• [WORK TO COMPLETE]: Omit the pictures and output exactly the lines from the start of the entries through the line containing "doc.units = 0".

• [INFORMATION GIVEN]:
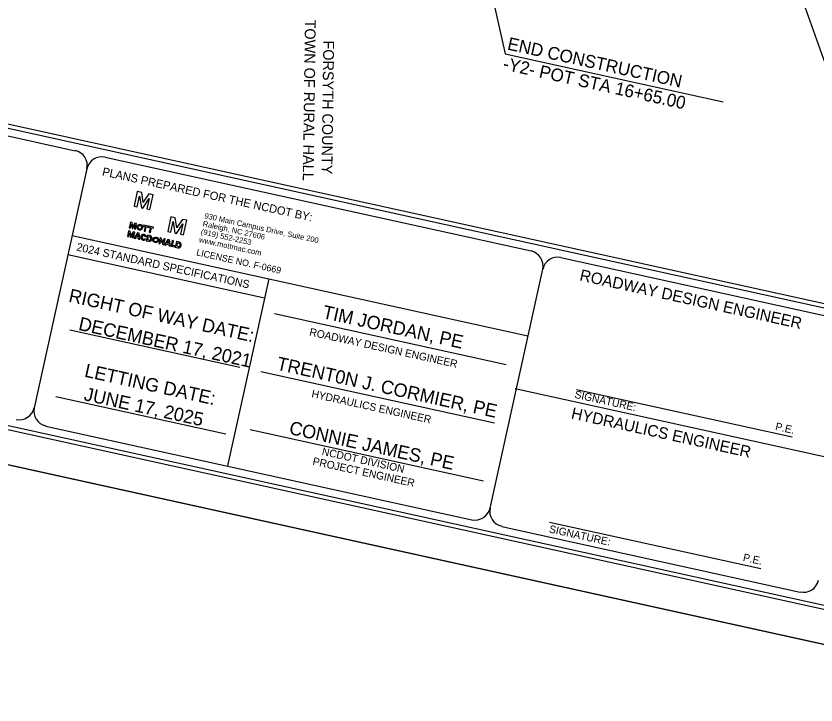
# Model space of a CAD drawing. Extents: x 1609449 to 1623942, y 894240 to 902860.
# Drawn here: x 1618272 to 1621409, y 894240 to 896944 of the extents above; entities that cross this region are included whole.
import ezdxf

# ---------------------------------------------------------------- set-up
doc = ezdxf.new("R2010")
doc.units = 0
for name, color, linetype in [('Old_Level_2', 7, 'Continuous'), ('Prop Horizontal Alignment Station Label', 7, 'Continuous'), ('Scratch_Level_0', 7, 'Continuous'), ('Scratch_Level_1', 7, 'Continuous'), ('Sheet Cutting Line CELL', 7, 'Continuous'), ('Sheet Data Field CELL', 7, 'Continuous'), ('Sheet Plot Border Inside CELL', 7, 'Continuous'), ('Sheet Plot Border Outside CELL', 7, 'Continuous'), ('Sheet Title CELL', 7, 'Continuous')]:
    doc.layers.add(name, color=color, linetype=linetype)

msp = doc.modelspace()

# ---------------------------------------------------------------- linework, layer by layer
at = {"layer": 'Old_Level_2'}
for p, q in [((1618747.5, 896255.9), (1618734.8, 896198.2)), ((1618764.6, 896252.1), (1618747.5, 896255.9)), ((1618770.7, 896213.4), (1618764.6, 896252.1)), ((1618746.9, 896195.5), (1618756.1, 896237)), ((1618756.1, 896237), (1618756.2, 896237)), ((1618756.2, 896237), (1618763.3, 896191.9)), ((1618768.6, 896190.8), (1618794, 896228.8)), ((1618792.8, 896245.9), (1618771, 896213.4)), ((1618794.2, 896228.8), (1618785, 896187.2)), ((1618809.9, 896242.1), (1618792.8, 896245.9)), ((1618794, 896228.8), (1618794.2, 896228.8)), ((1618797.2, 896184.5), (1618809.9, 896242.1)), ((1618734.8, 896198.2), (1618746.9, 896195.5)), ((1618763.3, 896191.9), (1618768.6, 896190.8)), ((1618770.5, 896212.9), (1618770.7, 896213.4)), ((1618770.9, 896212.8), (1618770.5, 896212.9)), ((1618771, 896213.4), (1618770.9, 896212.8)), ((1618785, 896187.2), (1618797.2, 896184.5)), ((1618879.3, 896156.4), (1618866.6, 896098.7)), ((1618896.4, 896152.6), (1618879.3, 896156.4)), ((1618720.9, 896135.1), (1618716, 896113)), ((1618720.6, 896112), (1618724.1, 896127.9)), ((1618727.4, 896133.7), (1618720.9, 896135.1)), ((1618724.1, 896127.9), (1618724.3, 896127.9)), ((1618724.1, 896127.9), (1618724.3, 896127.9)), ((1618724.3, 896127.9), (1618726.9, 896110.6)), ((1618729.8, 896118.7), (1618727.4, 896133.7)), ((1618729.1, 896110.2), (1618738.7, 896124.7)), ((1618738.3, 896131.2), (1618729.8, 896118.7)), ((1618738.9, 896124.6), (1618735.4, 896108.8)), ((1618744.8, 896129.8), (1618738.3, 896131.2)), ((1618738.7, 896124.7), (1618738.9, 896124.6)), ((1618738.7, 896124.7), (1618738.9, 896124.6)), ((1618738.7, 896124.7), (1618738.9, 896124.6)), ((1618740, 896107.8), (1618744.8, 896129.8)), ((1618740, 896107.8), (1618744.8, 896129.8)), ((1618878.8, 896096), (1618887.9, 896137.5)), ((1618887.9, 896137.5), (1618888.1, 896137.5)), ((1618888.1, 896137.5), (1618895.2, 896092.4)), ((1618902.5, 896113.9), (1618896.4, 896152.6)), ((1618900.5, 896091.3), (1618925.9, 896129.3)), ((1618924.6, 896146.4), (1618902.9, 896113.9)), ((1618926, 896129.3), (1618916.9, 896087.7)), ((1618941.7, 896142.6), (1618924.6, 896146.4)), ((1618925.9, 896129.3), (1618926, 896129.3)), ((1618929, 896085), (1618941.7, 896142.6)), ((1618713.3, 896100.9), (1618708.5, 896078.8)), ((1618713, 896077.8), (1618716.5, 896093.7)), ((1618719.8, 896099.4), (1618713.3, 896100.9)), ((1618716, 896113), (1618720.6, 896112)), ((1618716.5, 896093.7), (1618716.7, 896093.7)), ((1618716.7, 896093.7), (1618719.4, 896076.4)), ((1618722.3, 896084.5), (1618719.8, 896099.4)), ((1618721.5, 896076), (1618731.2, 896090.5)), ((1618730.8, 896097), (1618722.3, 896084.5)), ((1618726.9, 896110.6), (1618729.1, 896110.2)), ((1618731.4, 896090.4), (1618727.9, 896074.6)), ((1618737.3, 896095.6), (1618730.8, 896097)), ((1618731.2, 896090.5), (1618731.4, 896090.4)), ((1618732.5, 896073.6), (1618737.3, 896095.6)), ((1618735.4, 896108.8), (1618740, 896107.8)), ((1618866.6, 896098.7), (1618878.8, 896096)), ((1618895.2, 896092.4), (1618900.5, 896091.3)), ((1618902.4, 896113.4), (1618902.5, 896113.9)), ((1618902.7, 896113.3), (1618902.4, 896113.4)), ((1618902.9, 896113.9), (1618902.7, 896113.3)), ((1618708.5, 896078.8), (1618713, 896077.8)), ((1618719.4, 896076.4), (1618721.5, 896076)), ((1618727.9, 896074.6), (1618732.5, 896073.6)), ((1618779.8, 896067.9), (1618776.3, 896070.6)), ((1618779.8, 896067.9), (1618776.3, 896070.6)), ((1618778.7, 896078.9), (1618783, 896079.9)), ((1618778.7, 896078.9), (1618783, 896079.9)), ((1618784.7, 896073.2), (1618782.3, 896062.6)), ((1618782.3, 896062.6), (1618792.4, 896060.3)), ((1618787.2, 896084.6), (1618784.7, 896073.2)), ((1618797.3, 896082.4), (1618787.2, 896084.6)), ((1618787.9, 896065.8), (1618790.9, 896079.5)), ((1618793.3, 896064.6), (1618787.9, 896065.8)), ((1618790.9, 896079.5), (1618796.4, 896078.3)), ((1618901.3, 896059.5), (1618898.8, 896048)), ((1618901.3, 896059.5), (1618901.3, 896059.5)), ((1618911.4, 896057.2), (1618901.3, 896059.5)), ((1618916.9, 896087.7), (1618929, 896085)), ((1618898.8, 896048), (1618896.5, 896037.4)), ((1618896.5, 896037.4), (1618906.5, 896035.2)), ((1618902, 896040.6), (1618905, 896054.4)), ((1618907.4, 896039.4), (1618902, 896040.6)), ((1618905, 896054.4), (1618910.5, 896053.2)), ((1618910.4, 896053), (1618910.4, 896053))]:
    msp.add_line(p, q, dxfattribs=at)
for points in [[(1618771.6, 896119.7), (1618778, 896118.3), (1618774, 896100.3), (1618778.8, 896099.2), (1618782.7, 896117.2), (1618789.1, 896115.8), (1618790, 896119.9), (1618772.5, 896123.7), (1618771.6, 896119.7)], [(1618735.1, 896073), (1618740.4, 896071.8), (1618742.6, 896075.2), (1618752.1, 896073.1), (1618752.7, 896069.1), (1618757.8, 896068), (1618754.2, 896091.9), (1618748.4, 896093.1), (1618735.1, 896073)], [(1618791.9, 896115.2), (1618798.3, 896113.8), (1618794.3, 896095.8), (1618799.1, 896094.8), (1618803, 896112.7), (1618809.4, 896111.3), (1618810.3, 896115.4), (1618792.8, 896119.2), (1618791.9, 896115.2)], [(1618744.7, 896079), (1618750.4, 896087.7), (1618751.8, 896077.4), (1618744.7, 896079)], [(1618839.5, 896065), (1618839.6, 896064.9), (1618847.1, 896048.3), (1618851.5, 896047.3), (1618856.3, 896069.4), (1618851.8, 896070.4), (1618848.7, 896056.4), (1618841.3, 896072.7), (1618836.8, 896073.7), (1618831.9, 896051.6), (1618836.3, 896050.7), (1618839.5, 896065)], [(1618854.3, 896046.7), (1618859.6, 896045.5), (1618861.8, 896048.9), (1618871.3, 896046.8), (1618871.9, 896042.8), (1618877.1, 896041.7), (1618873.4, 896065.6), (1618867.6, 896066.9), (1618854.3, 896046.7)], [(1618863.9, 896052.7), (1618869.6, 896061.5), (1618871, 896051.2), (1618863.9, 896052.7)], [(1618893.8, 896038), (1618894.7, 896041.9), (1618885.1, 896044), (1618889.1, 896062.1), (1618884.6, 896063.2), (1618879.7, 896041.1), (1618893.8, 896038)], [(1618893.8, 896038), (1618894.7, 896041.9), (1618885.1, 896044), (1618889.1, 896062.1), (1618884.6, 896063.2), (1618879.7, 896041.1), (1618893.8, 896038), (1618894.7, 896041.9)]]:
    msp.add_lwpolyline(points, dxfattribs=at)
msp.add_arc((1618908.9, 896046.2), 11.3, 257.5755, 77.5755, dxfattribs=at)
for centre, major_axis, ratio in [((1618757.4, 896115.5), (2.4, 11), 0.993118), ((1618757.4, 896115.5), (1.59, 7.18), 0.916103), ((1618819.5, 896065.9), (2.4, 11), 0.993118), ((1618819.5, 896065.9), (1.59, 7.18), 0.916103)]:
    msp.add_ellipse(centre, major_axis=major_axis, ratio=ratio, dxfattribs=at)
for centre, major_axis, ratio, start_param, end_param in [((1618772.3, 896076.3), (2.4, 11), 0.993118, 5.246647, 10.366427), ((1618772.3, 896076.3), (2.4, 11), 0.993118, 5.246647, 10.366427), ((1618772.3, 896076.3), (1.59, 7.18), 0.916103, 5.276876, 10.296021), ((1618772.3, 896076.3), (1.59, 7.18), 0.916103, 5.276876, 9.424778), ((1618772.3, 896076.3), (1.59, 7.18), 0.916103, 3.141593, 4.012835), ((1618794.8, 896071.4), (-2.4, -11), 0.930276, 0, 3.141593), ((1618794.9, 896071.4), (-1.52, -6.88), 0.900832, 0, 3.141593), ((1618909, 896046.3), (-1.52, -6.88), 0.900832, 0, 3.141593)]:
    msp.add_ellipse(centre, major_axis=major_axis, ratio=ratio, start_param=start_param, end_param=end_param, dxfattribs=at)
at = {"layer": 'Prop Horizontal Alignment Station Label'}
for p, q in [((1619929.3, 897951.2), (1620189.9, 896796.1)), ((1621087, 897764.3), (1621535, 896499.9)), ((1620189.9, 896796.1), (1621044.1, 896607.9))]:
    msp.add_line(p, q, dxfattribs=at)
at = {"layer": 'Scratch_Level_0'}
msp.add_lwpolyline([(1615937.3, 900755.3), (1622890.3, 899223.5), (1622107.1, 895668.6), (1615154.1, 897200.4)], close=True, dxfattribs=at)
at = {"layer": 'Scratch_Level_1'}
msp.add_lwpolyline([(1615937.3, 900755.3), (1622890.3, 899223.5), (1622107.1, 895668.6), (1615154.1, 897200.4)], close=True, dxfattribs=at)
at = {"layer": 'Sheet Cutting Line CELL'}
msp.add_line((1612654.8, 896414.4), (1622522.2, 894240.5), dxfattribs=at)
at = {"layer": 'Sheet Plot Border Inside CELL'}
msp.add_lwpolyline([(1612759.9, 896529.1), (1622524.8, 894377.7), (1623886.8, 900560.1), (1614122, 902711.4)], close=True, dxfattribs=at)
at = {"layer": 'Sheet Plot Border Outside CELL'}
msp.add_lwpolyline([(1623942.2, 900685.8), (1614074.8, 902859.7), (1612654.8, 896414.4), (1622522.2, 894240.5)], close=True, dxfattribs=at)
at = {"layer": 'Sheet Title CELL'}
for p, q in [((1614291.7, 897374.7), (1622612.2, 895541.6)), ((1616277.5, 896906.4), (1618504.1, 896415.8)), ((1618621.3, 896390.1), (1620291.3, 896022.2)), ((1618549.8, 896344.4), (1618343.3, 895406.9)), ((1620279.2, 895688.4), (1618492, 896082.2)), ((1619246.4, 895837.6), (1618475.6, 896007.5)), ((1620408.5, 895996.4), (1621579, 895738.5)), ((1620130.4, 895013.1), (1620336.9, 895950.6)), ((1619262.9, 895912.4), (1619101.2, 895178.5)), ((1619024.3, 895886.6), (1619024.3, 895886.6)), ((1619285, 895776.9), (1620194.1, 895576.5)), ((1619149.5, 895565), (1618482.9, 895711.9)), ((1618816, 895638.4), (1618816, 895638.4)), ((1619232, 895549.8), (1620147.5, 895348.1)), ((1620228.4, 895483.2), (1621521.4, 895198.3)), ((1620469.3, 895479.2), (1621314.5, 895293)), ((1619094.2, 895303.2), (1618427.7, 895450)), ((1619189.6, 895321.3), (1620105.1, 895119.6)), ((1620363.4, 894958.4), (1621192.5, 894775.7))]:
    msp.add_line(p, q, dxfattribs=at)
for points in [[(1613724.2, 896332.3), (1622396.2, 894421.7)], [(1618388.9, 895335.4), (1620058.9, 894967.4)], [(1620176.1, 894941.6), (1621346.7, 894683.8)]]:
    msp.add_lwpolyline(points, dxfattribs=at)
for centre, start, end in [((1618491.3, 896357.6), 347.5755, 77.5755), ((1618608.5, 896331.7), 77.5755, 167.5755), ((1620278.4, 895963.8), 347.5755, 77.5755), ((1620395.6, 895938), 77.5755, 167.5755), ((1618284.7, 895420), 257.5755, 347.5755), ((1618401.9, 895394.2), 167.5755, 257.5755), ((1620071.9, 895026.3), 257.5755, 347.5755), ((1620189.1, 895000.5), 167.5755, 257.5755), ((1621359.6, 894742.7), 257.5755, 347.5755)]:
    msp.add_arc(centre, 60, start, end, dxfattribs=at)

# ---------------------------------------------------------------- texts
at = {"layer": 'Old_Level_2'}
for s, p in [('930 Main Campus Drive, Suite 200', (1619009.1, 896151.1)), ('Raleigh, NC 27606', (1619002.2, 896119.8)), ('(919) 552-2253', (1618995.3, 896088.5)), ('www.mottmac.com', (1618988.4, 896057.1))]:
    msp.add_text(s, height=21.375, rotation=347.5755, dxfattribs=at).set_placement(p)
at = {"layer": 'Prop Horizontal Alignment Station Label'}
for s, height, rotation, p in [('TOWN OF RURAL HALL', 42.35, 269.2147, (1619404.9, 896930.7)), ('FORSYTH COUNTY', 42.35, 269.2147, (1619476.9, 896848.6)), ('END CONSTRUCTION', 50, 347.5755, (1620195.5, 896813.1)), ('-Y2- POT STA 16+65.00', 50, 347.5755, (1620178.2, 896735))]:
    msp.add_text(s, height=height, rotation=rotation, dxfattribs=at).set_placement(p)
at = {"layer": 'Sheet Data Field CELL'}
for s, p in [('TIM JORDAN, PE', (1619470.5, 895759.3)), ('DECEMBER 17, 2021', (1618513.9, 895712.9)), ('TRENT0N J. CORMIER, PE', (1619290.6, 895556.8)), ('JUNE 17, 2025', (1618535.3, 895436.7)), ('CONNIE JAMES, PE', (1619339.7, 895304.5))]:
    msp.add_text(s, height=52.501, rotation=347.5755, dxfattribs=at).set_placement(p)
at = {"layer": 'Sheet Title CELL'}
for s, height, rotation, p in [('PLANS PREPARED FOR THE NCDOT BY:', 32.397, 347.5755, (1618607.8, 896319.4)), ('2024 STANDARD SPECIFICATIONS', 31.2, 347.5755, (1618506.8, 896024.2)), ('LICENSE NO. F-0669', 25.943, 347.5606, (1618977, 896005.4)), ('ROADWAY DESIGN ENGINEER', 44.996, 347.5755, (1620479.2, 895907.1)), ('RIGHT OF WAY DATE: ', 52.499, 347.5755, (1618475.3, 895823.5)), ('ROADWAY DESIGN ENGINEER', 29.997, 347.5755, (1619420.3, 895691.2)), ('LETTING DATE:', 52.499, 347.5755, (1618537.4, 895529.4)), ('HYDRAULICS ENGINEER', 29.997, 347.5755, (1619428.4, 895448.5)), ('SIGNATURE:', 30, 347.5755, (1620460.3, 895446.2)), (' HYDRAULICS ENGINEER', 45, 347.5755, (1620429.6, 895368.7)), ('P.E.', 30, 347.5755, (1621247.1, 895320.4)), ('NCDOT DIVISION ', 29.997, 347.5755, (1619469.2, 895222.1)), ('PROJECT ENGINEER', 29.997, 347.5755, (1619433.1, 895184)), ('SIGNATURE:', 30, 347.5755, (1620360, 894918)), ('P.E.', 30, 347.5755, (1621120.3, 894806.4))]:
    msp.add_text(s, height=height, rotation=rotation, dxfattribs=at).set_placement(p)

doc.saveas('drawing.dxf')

• [FINAL ANSWER]:
# Model space of a CAD drawing. Extents: x 1609449 to 1623942, y 894240 to 902860.
# Drawn here: x 1618272 to 1621409, y 894240 to 896944 of the extents above; entities that cross this region are included whole.
import ezdxf

# ---------------------------------------------------------------- set-up
doc = ezdxf.new("R2010")
doc.units = 0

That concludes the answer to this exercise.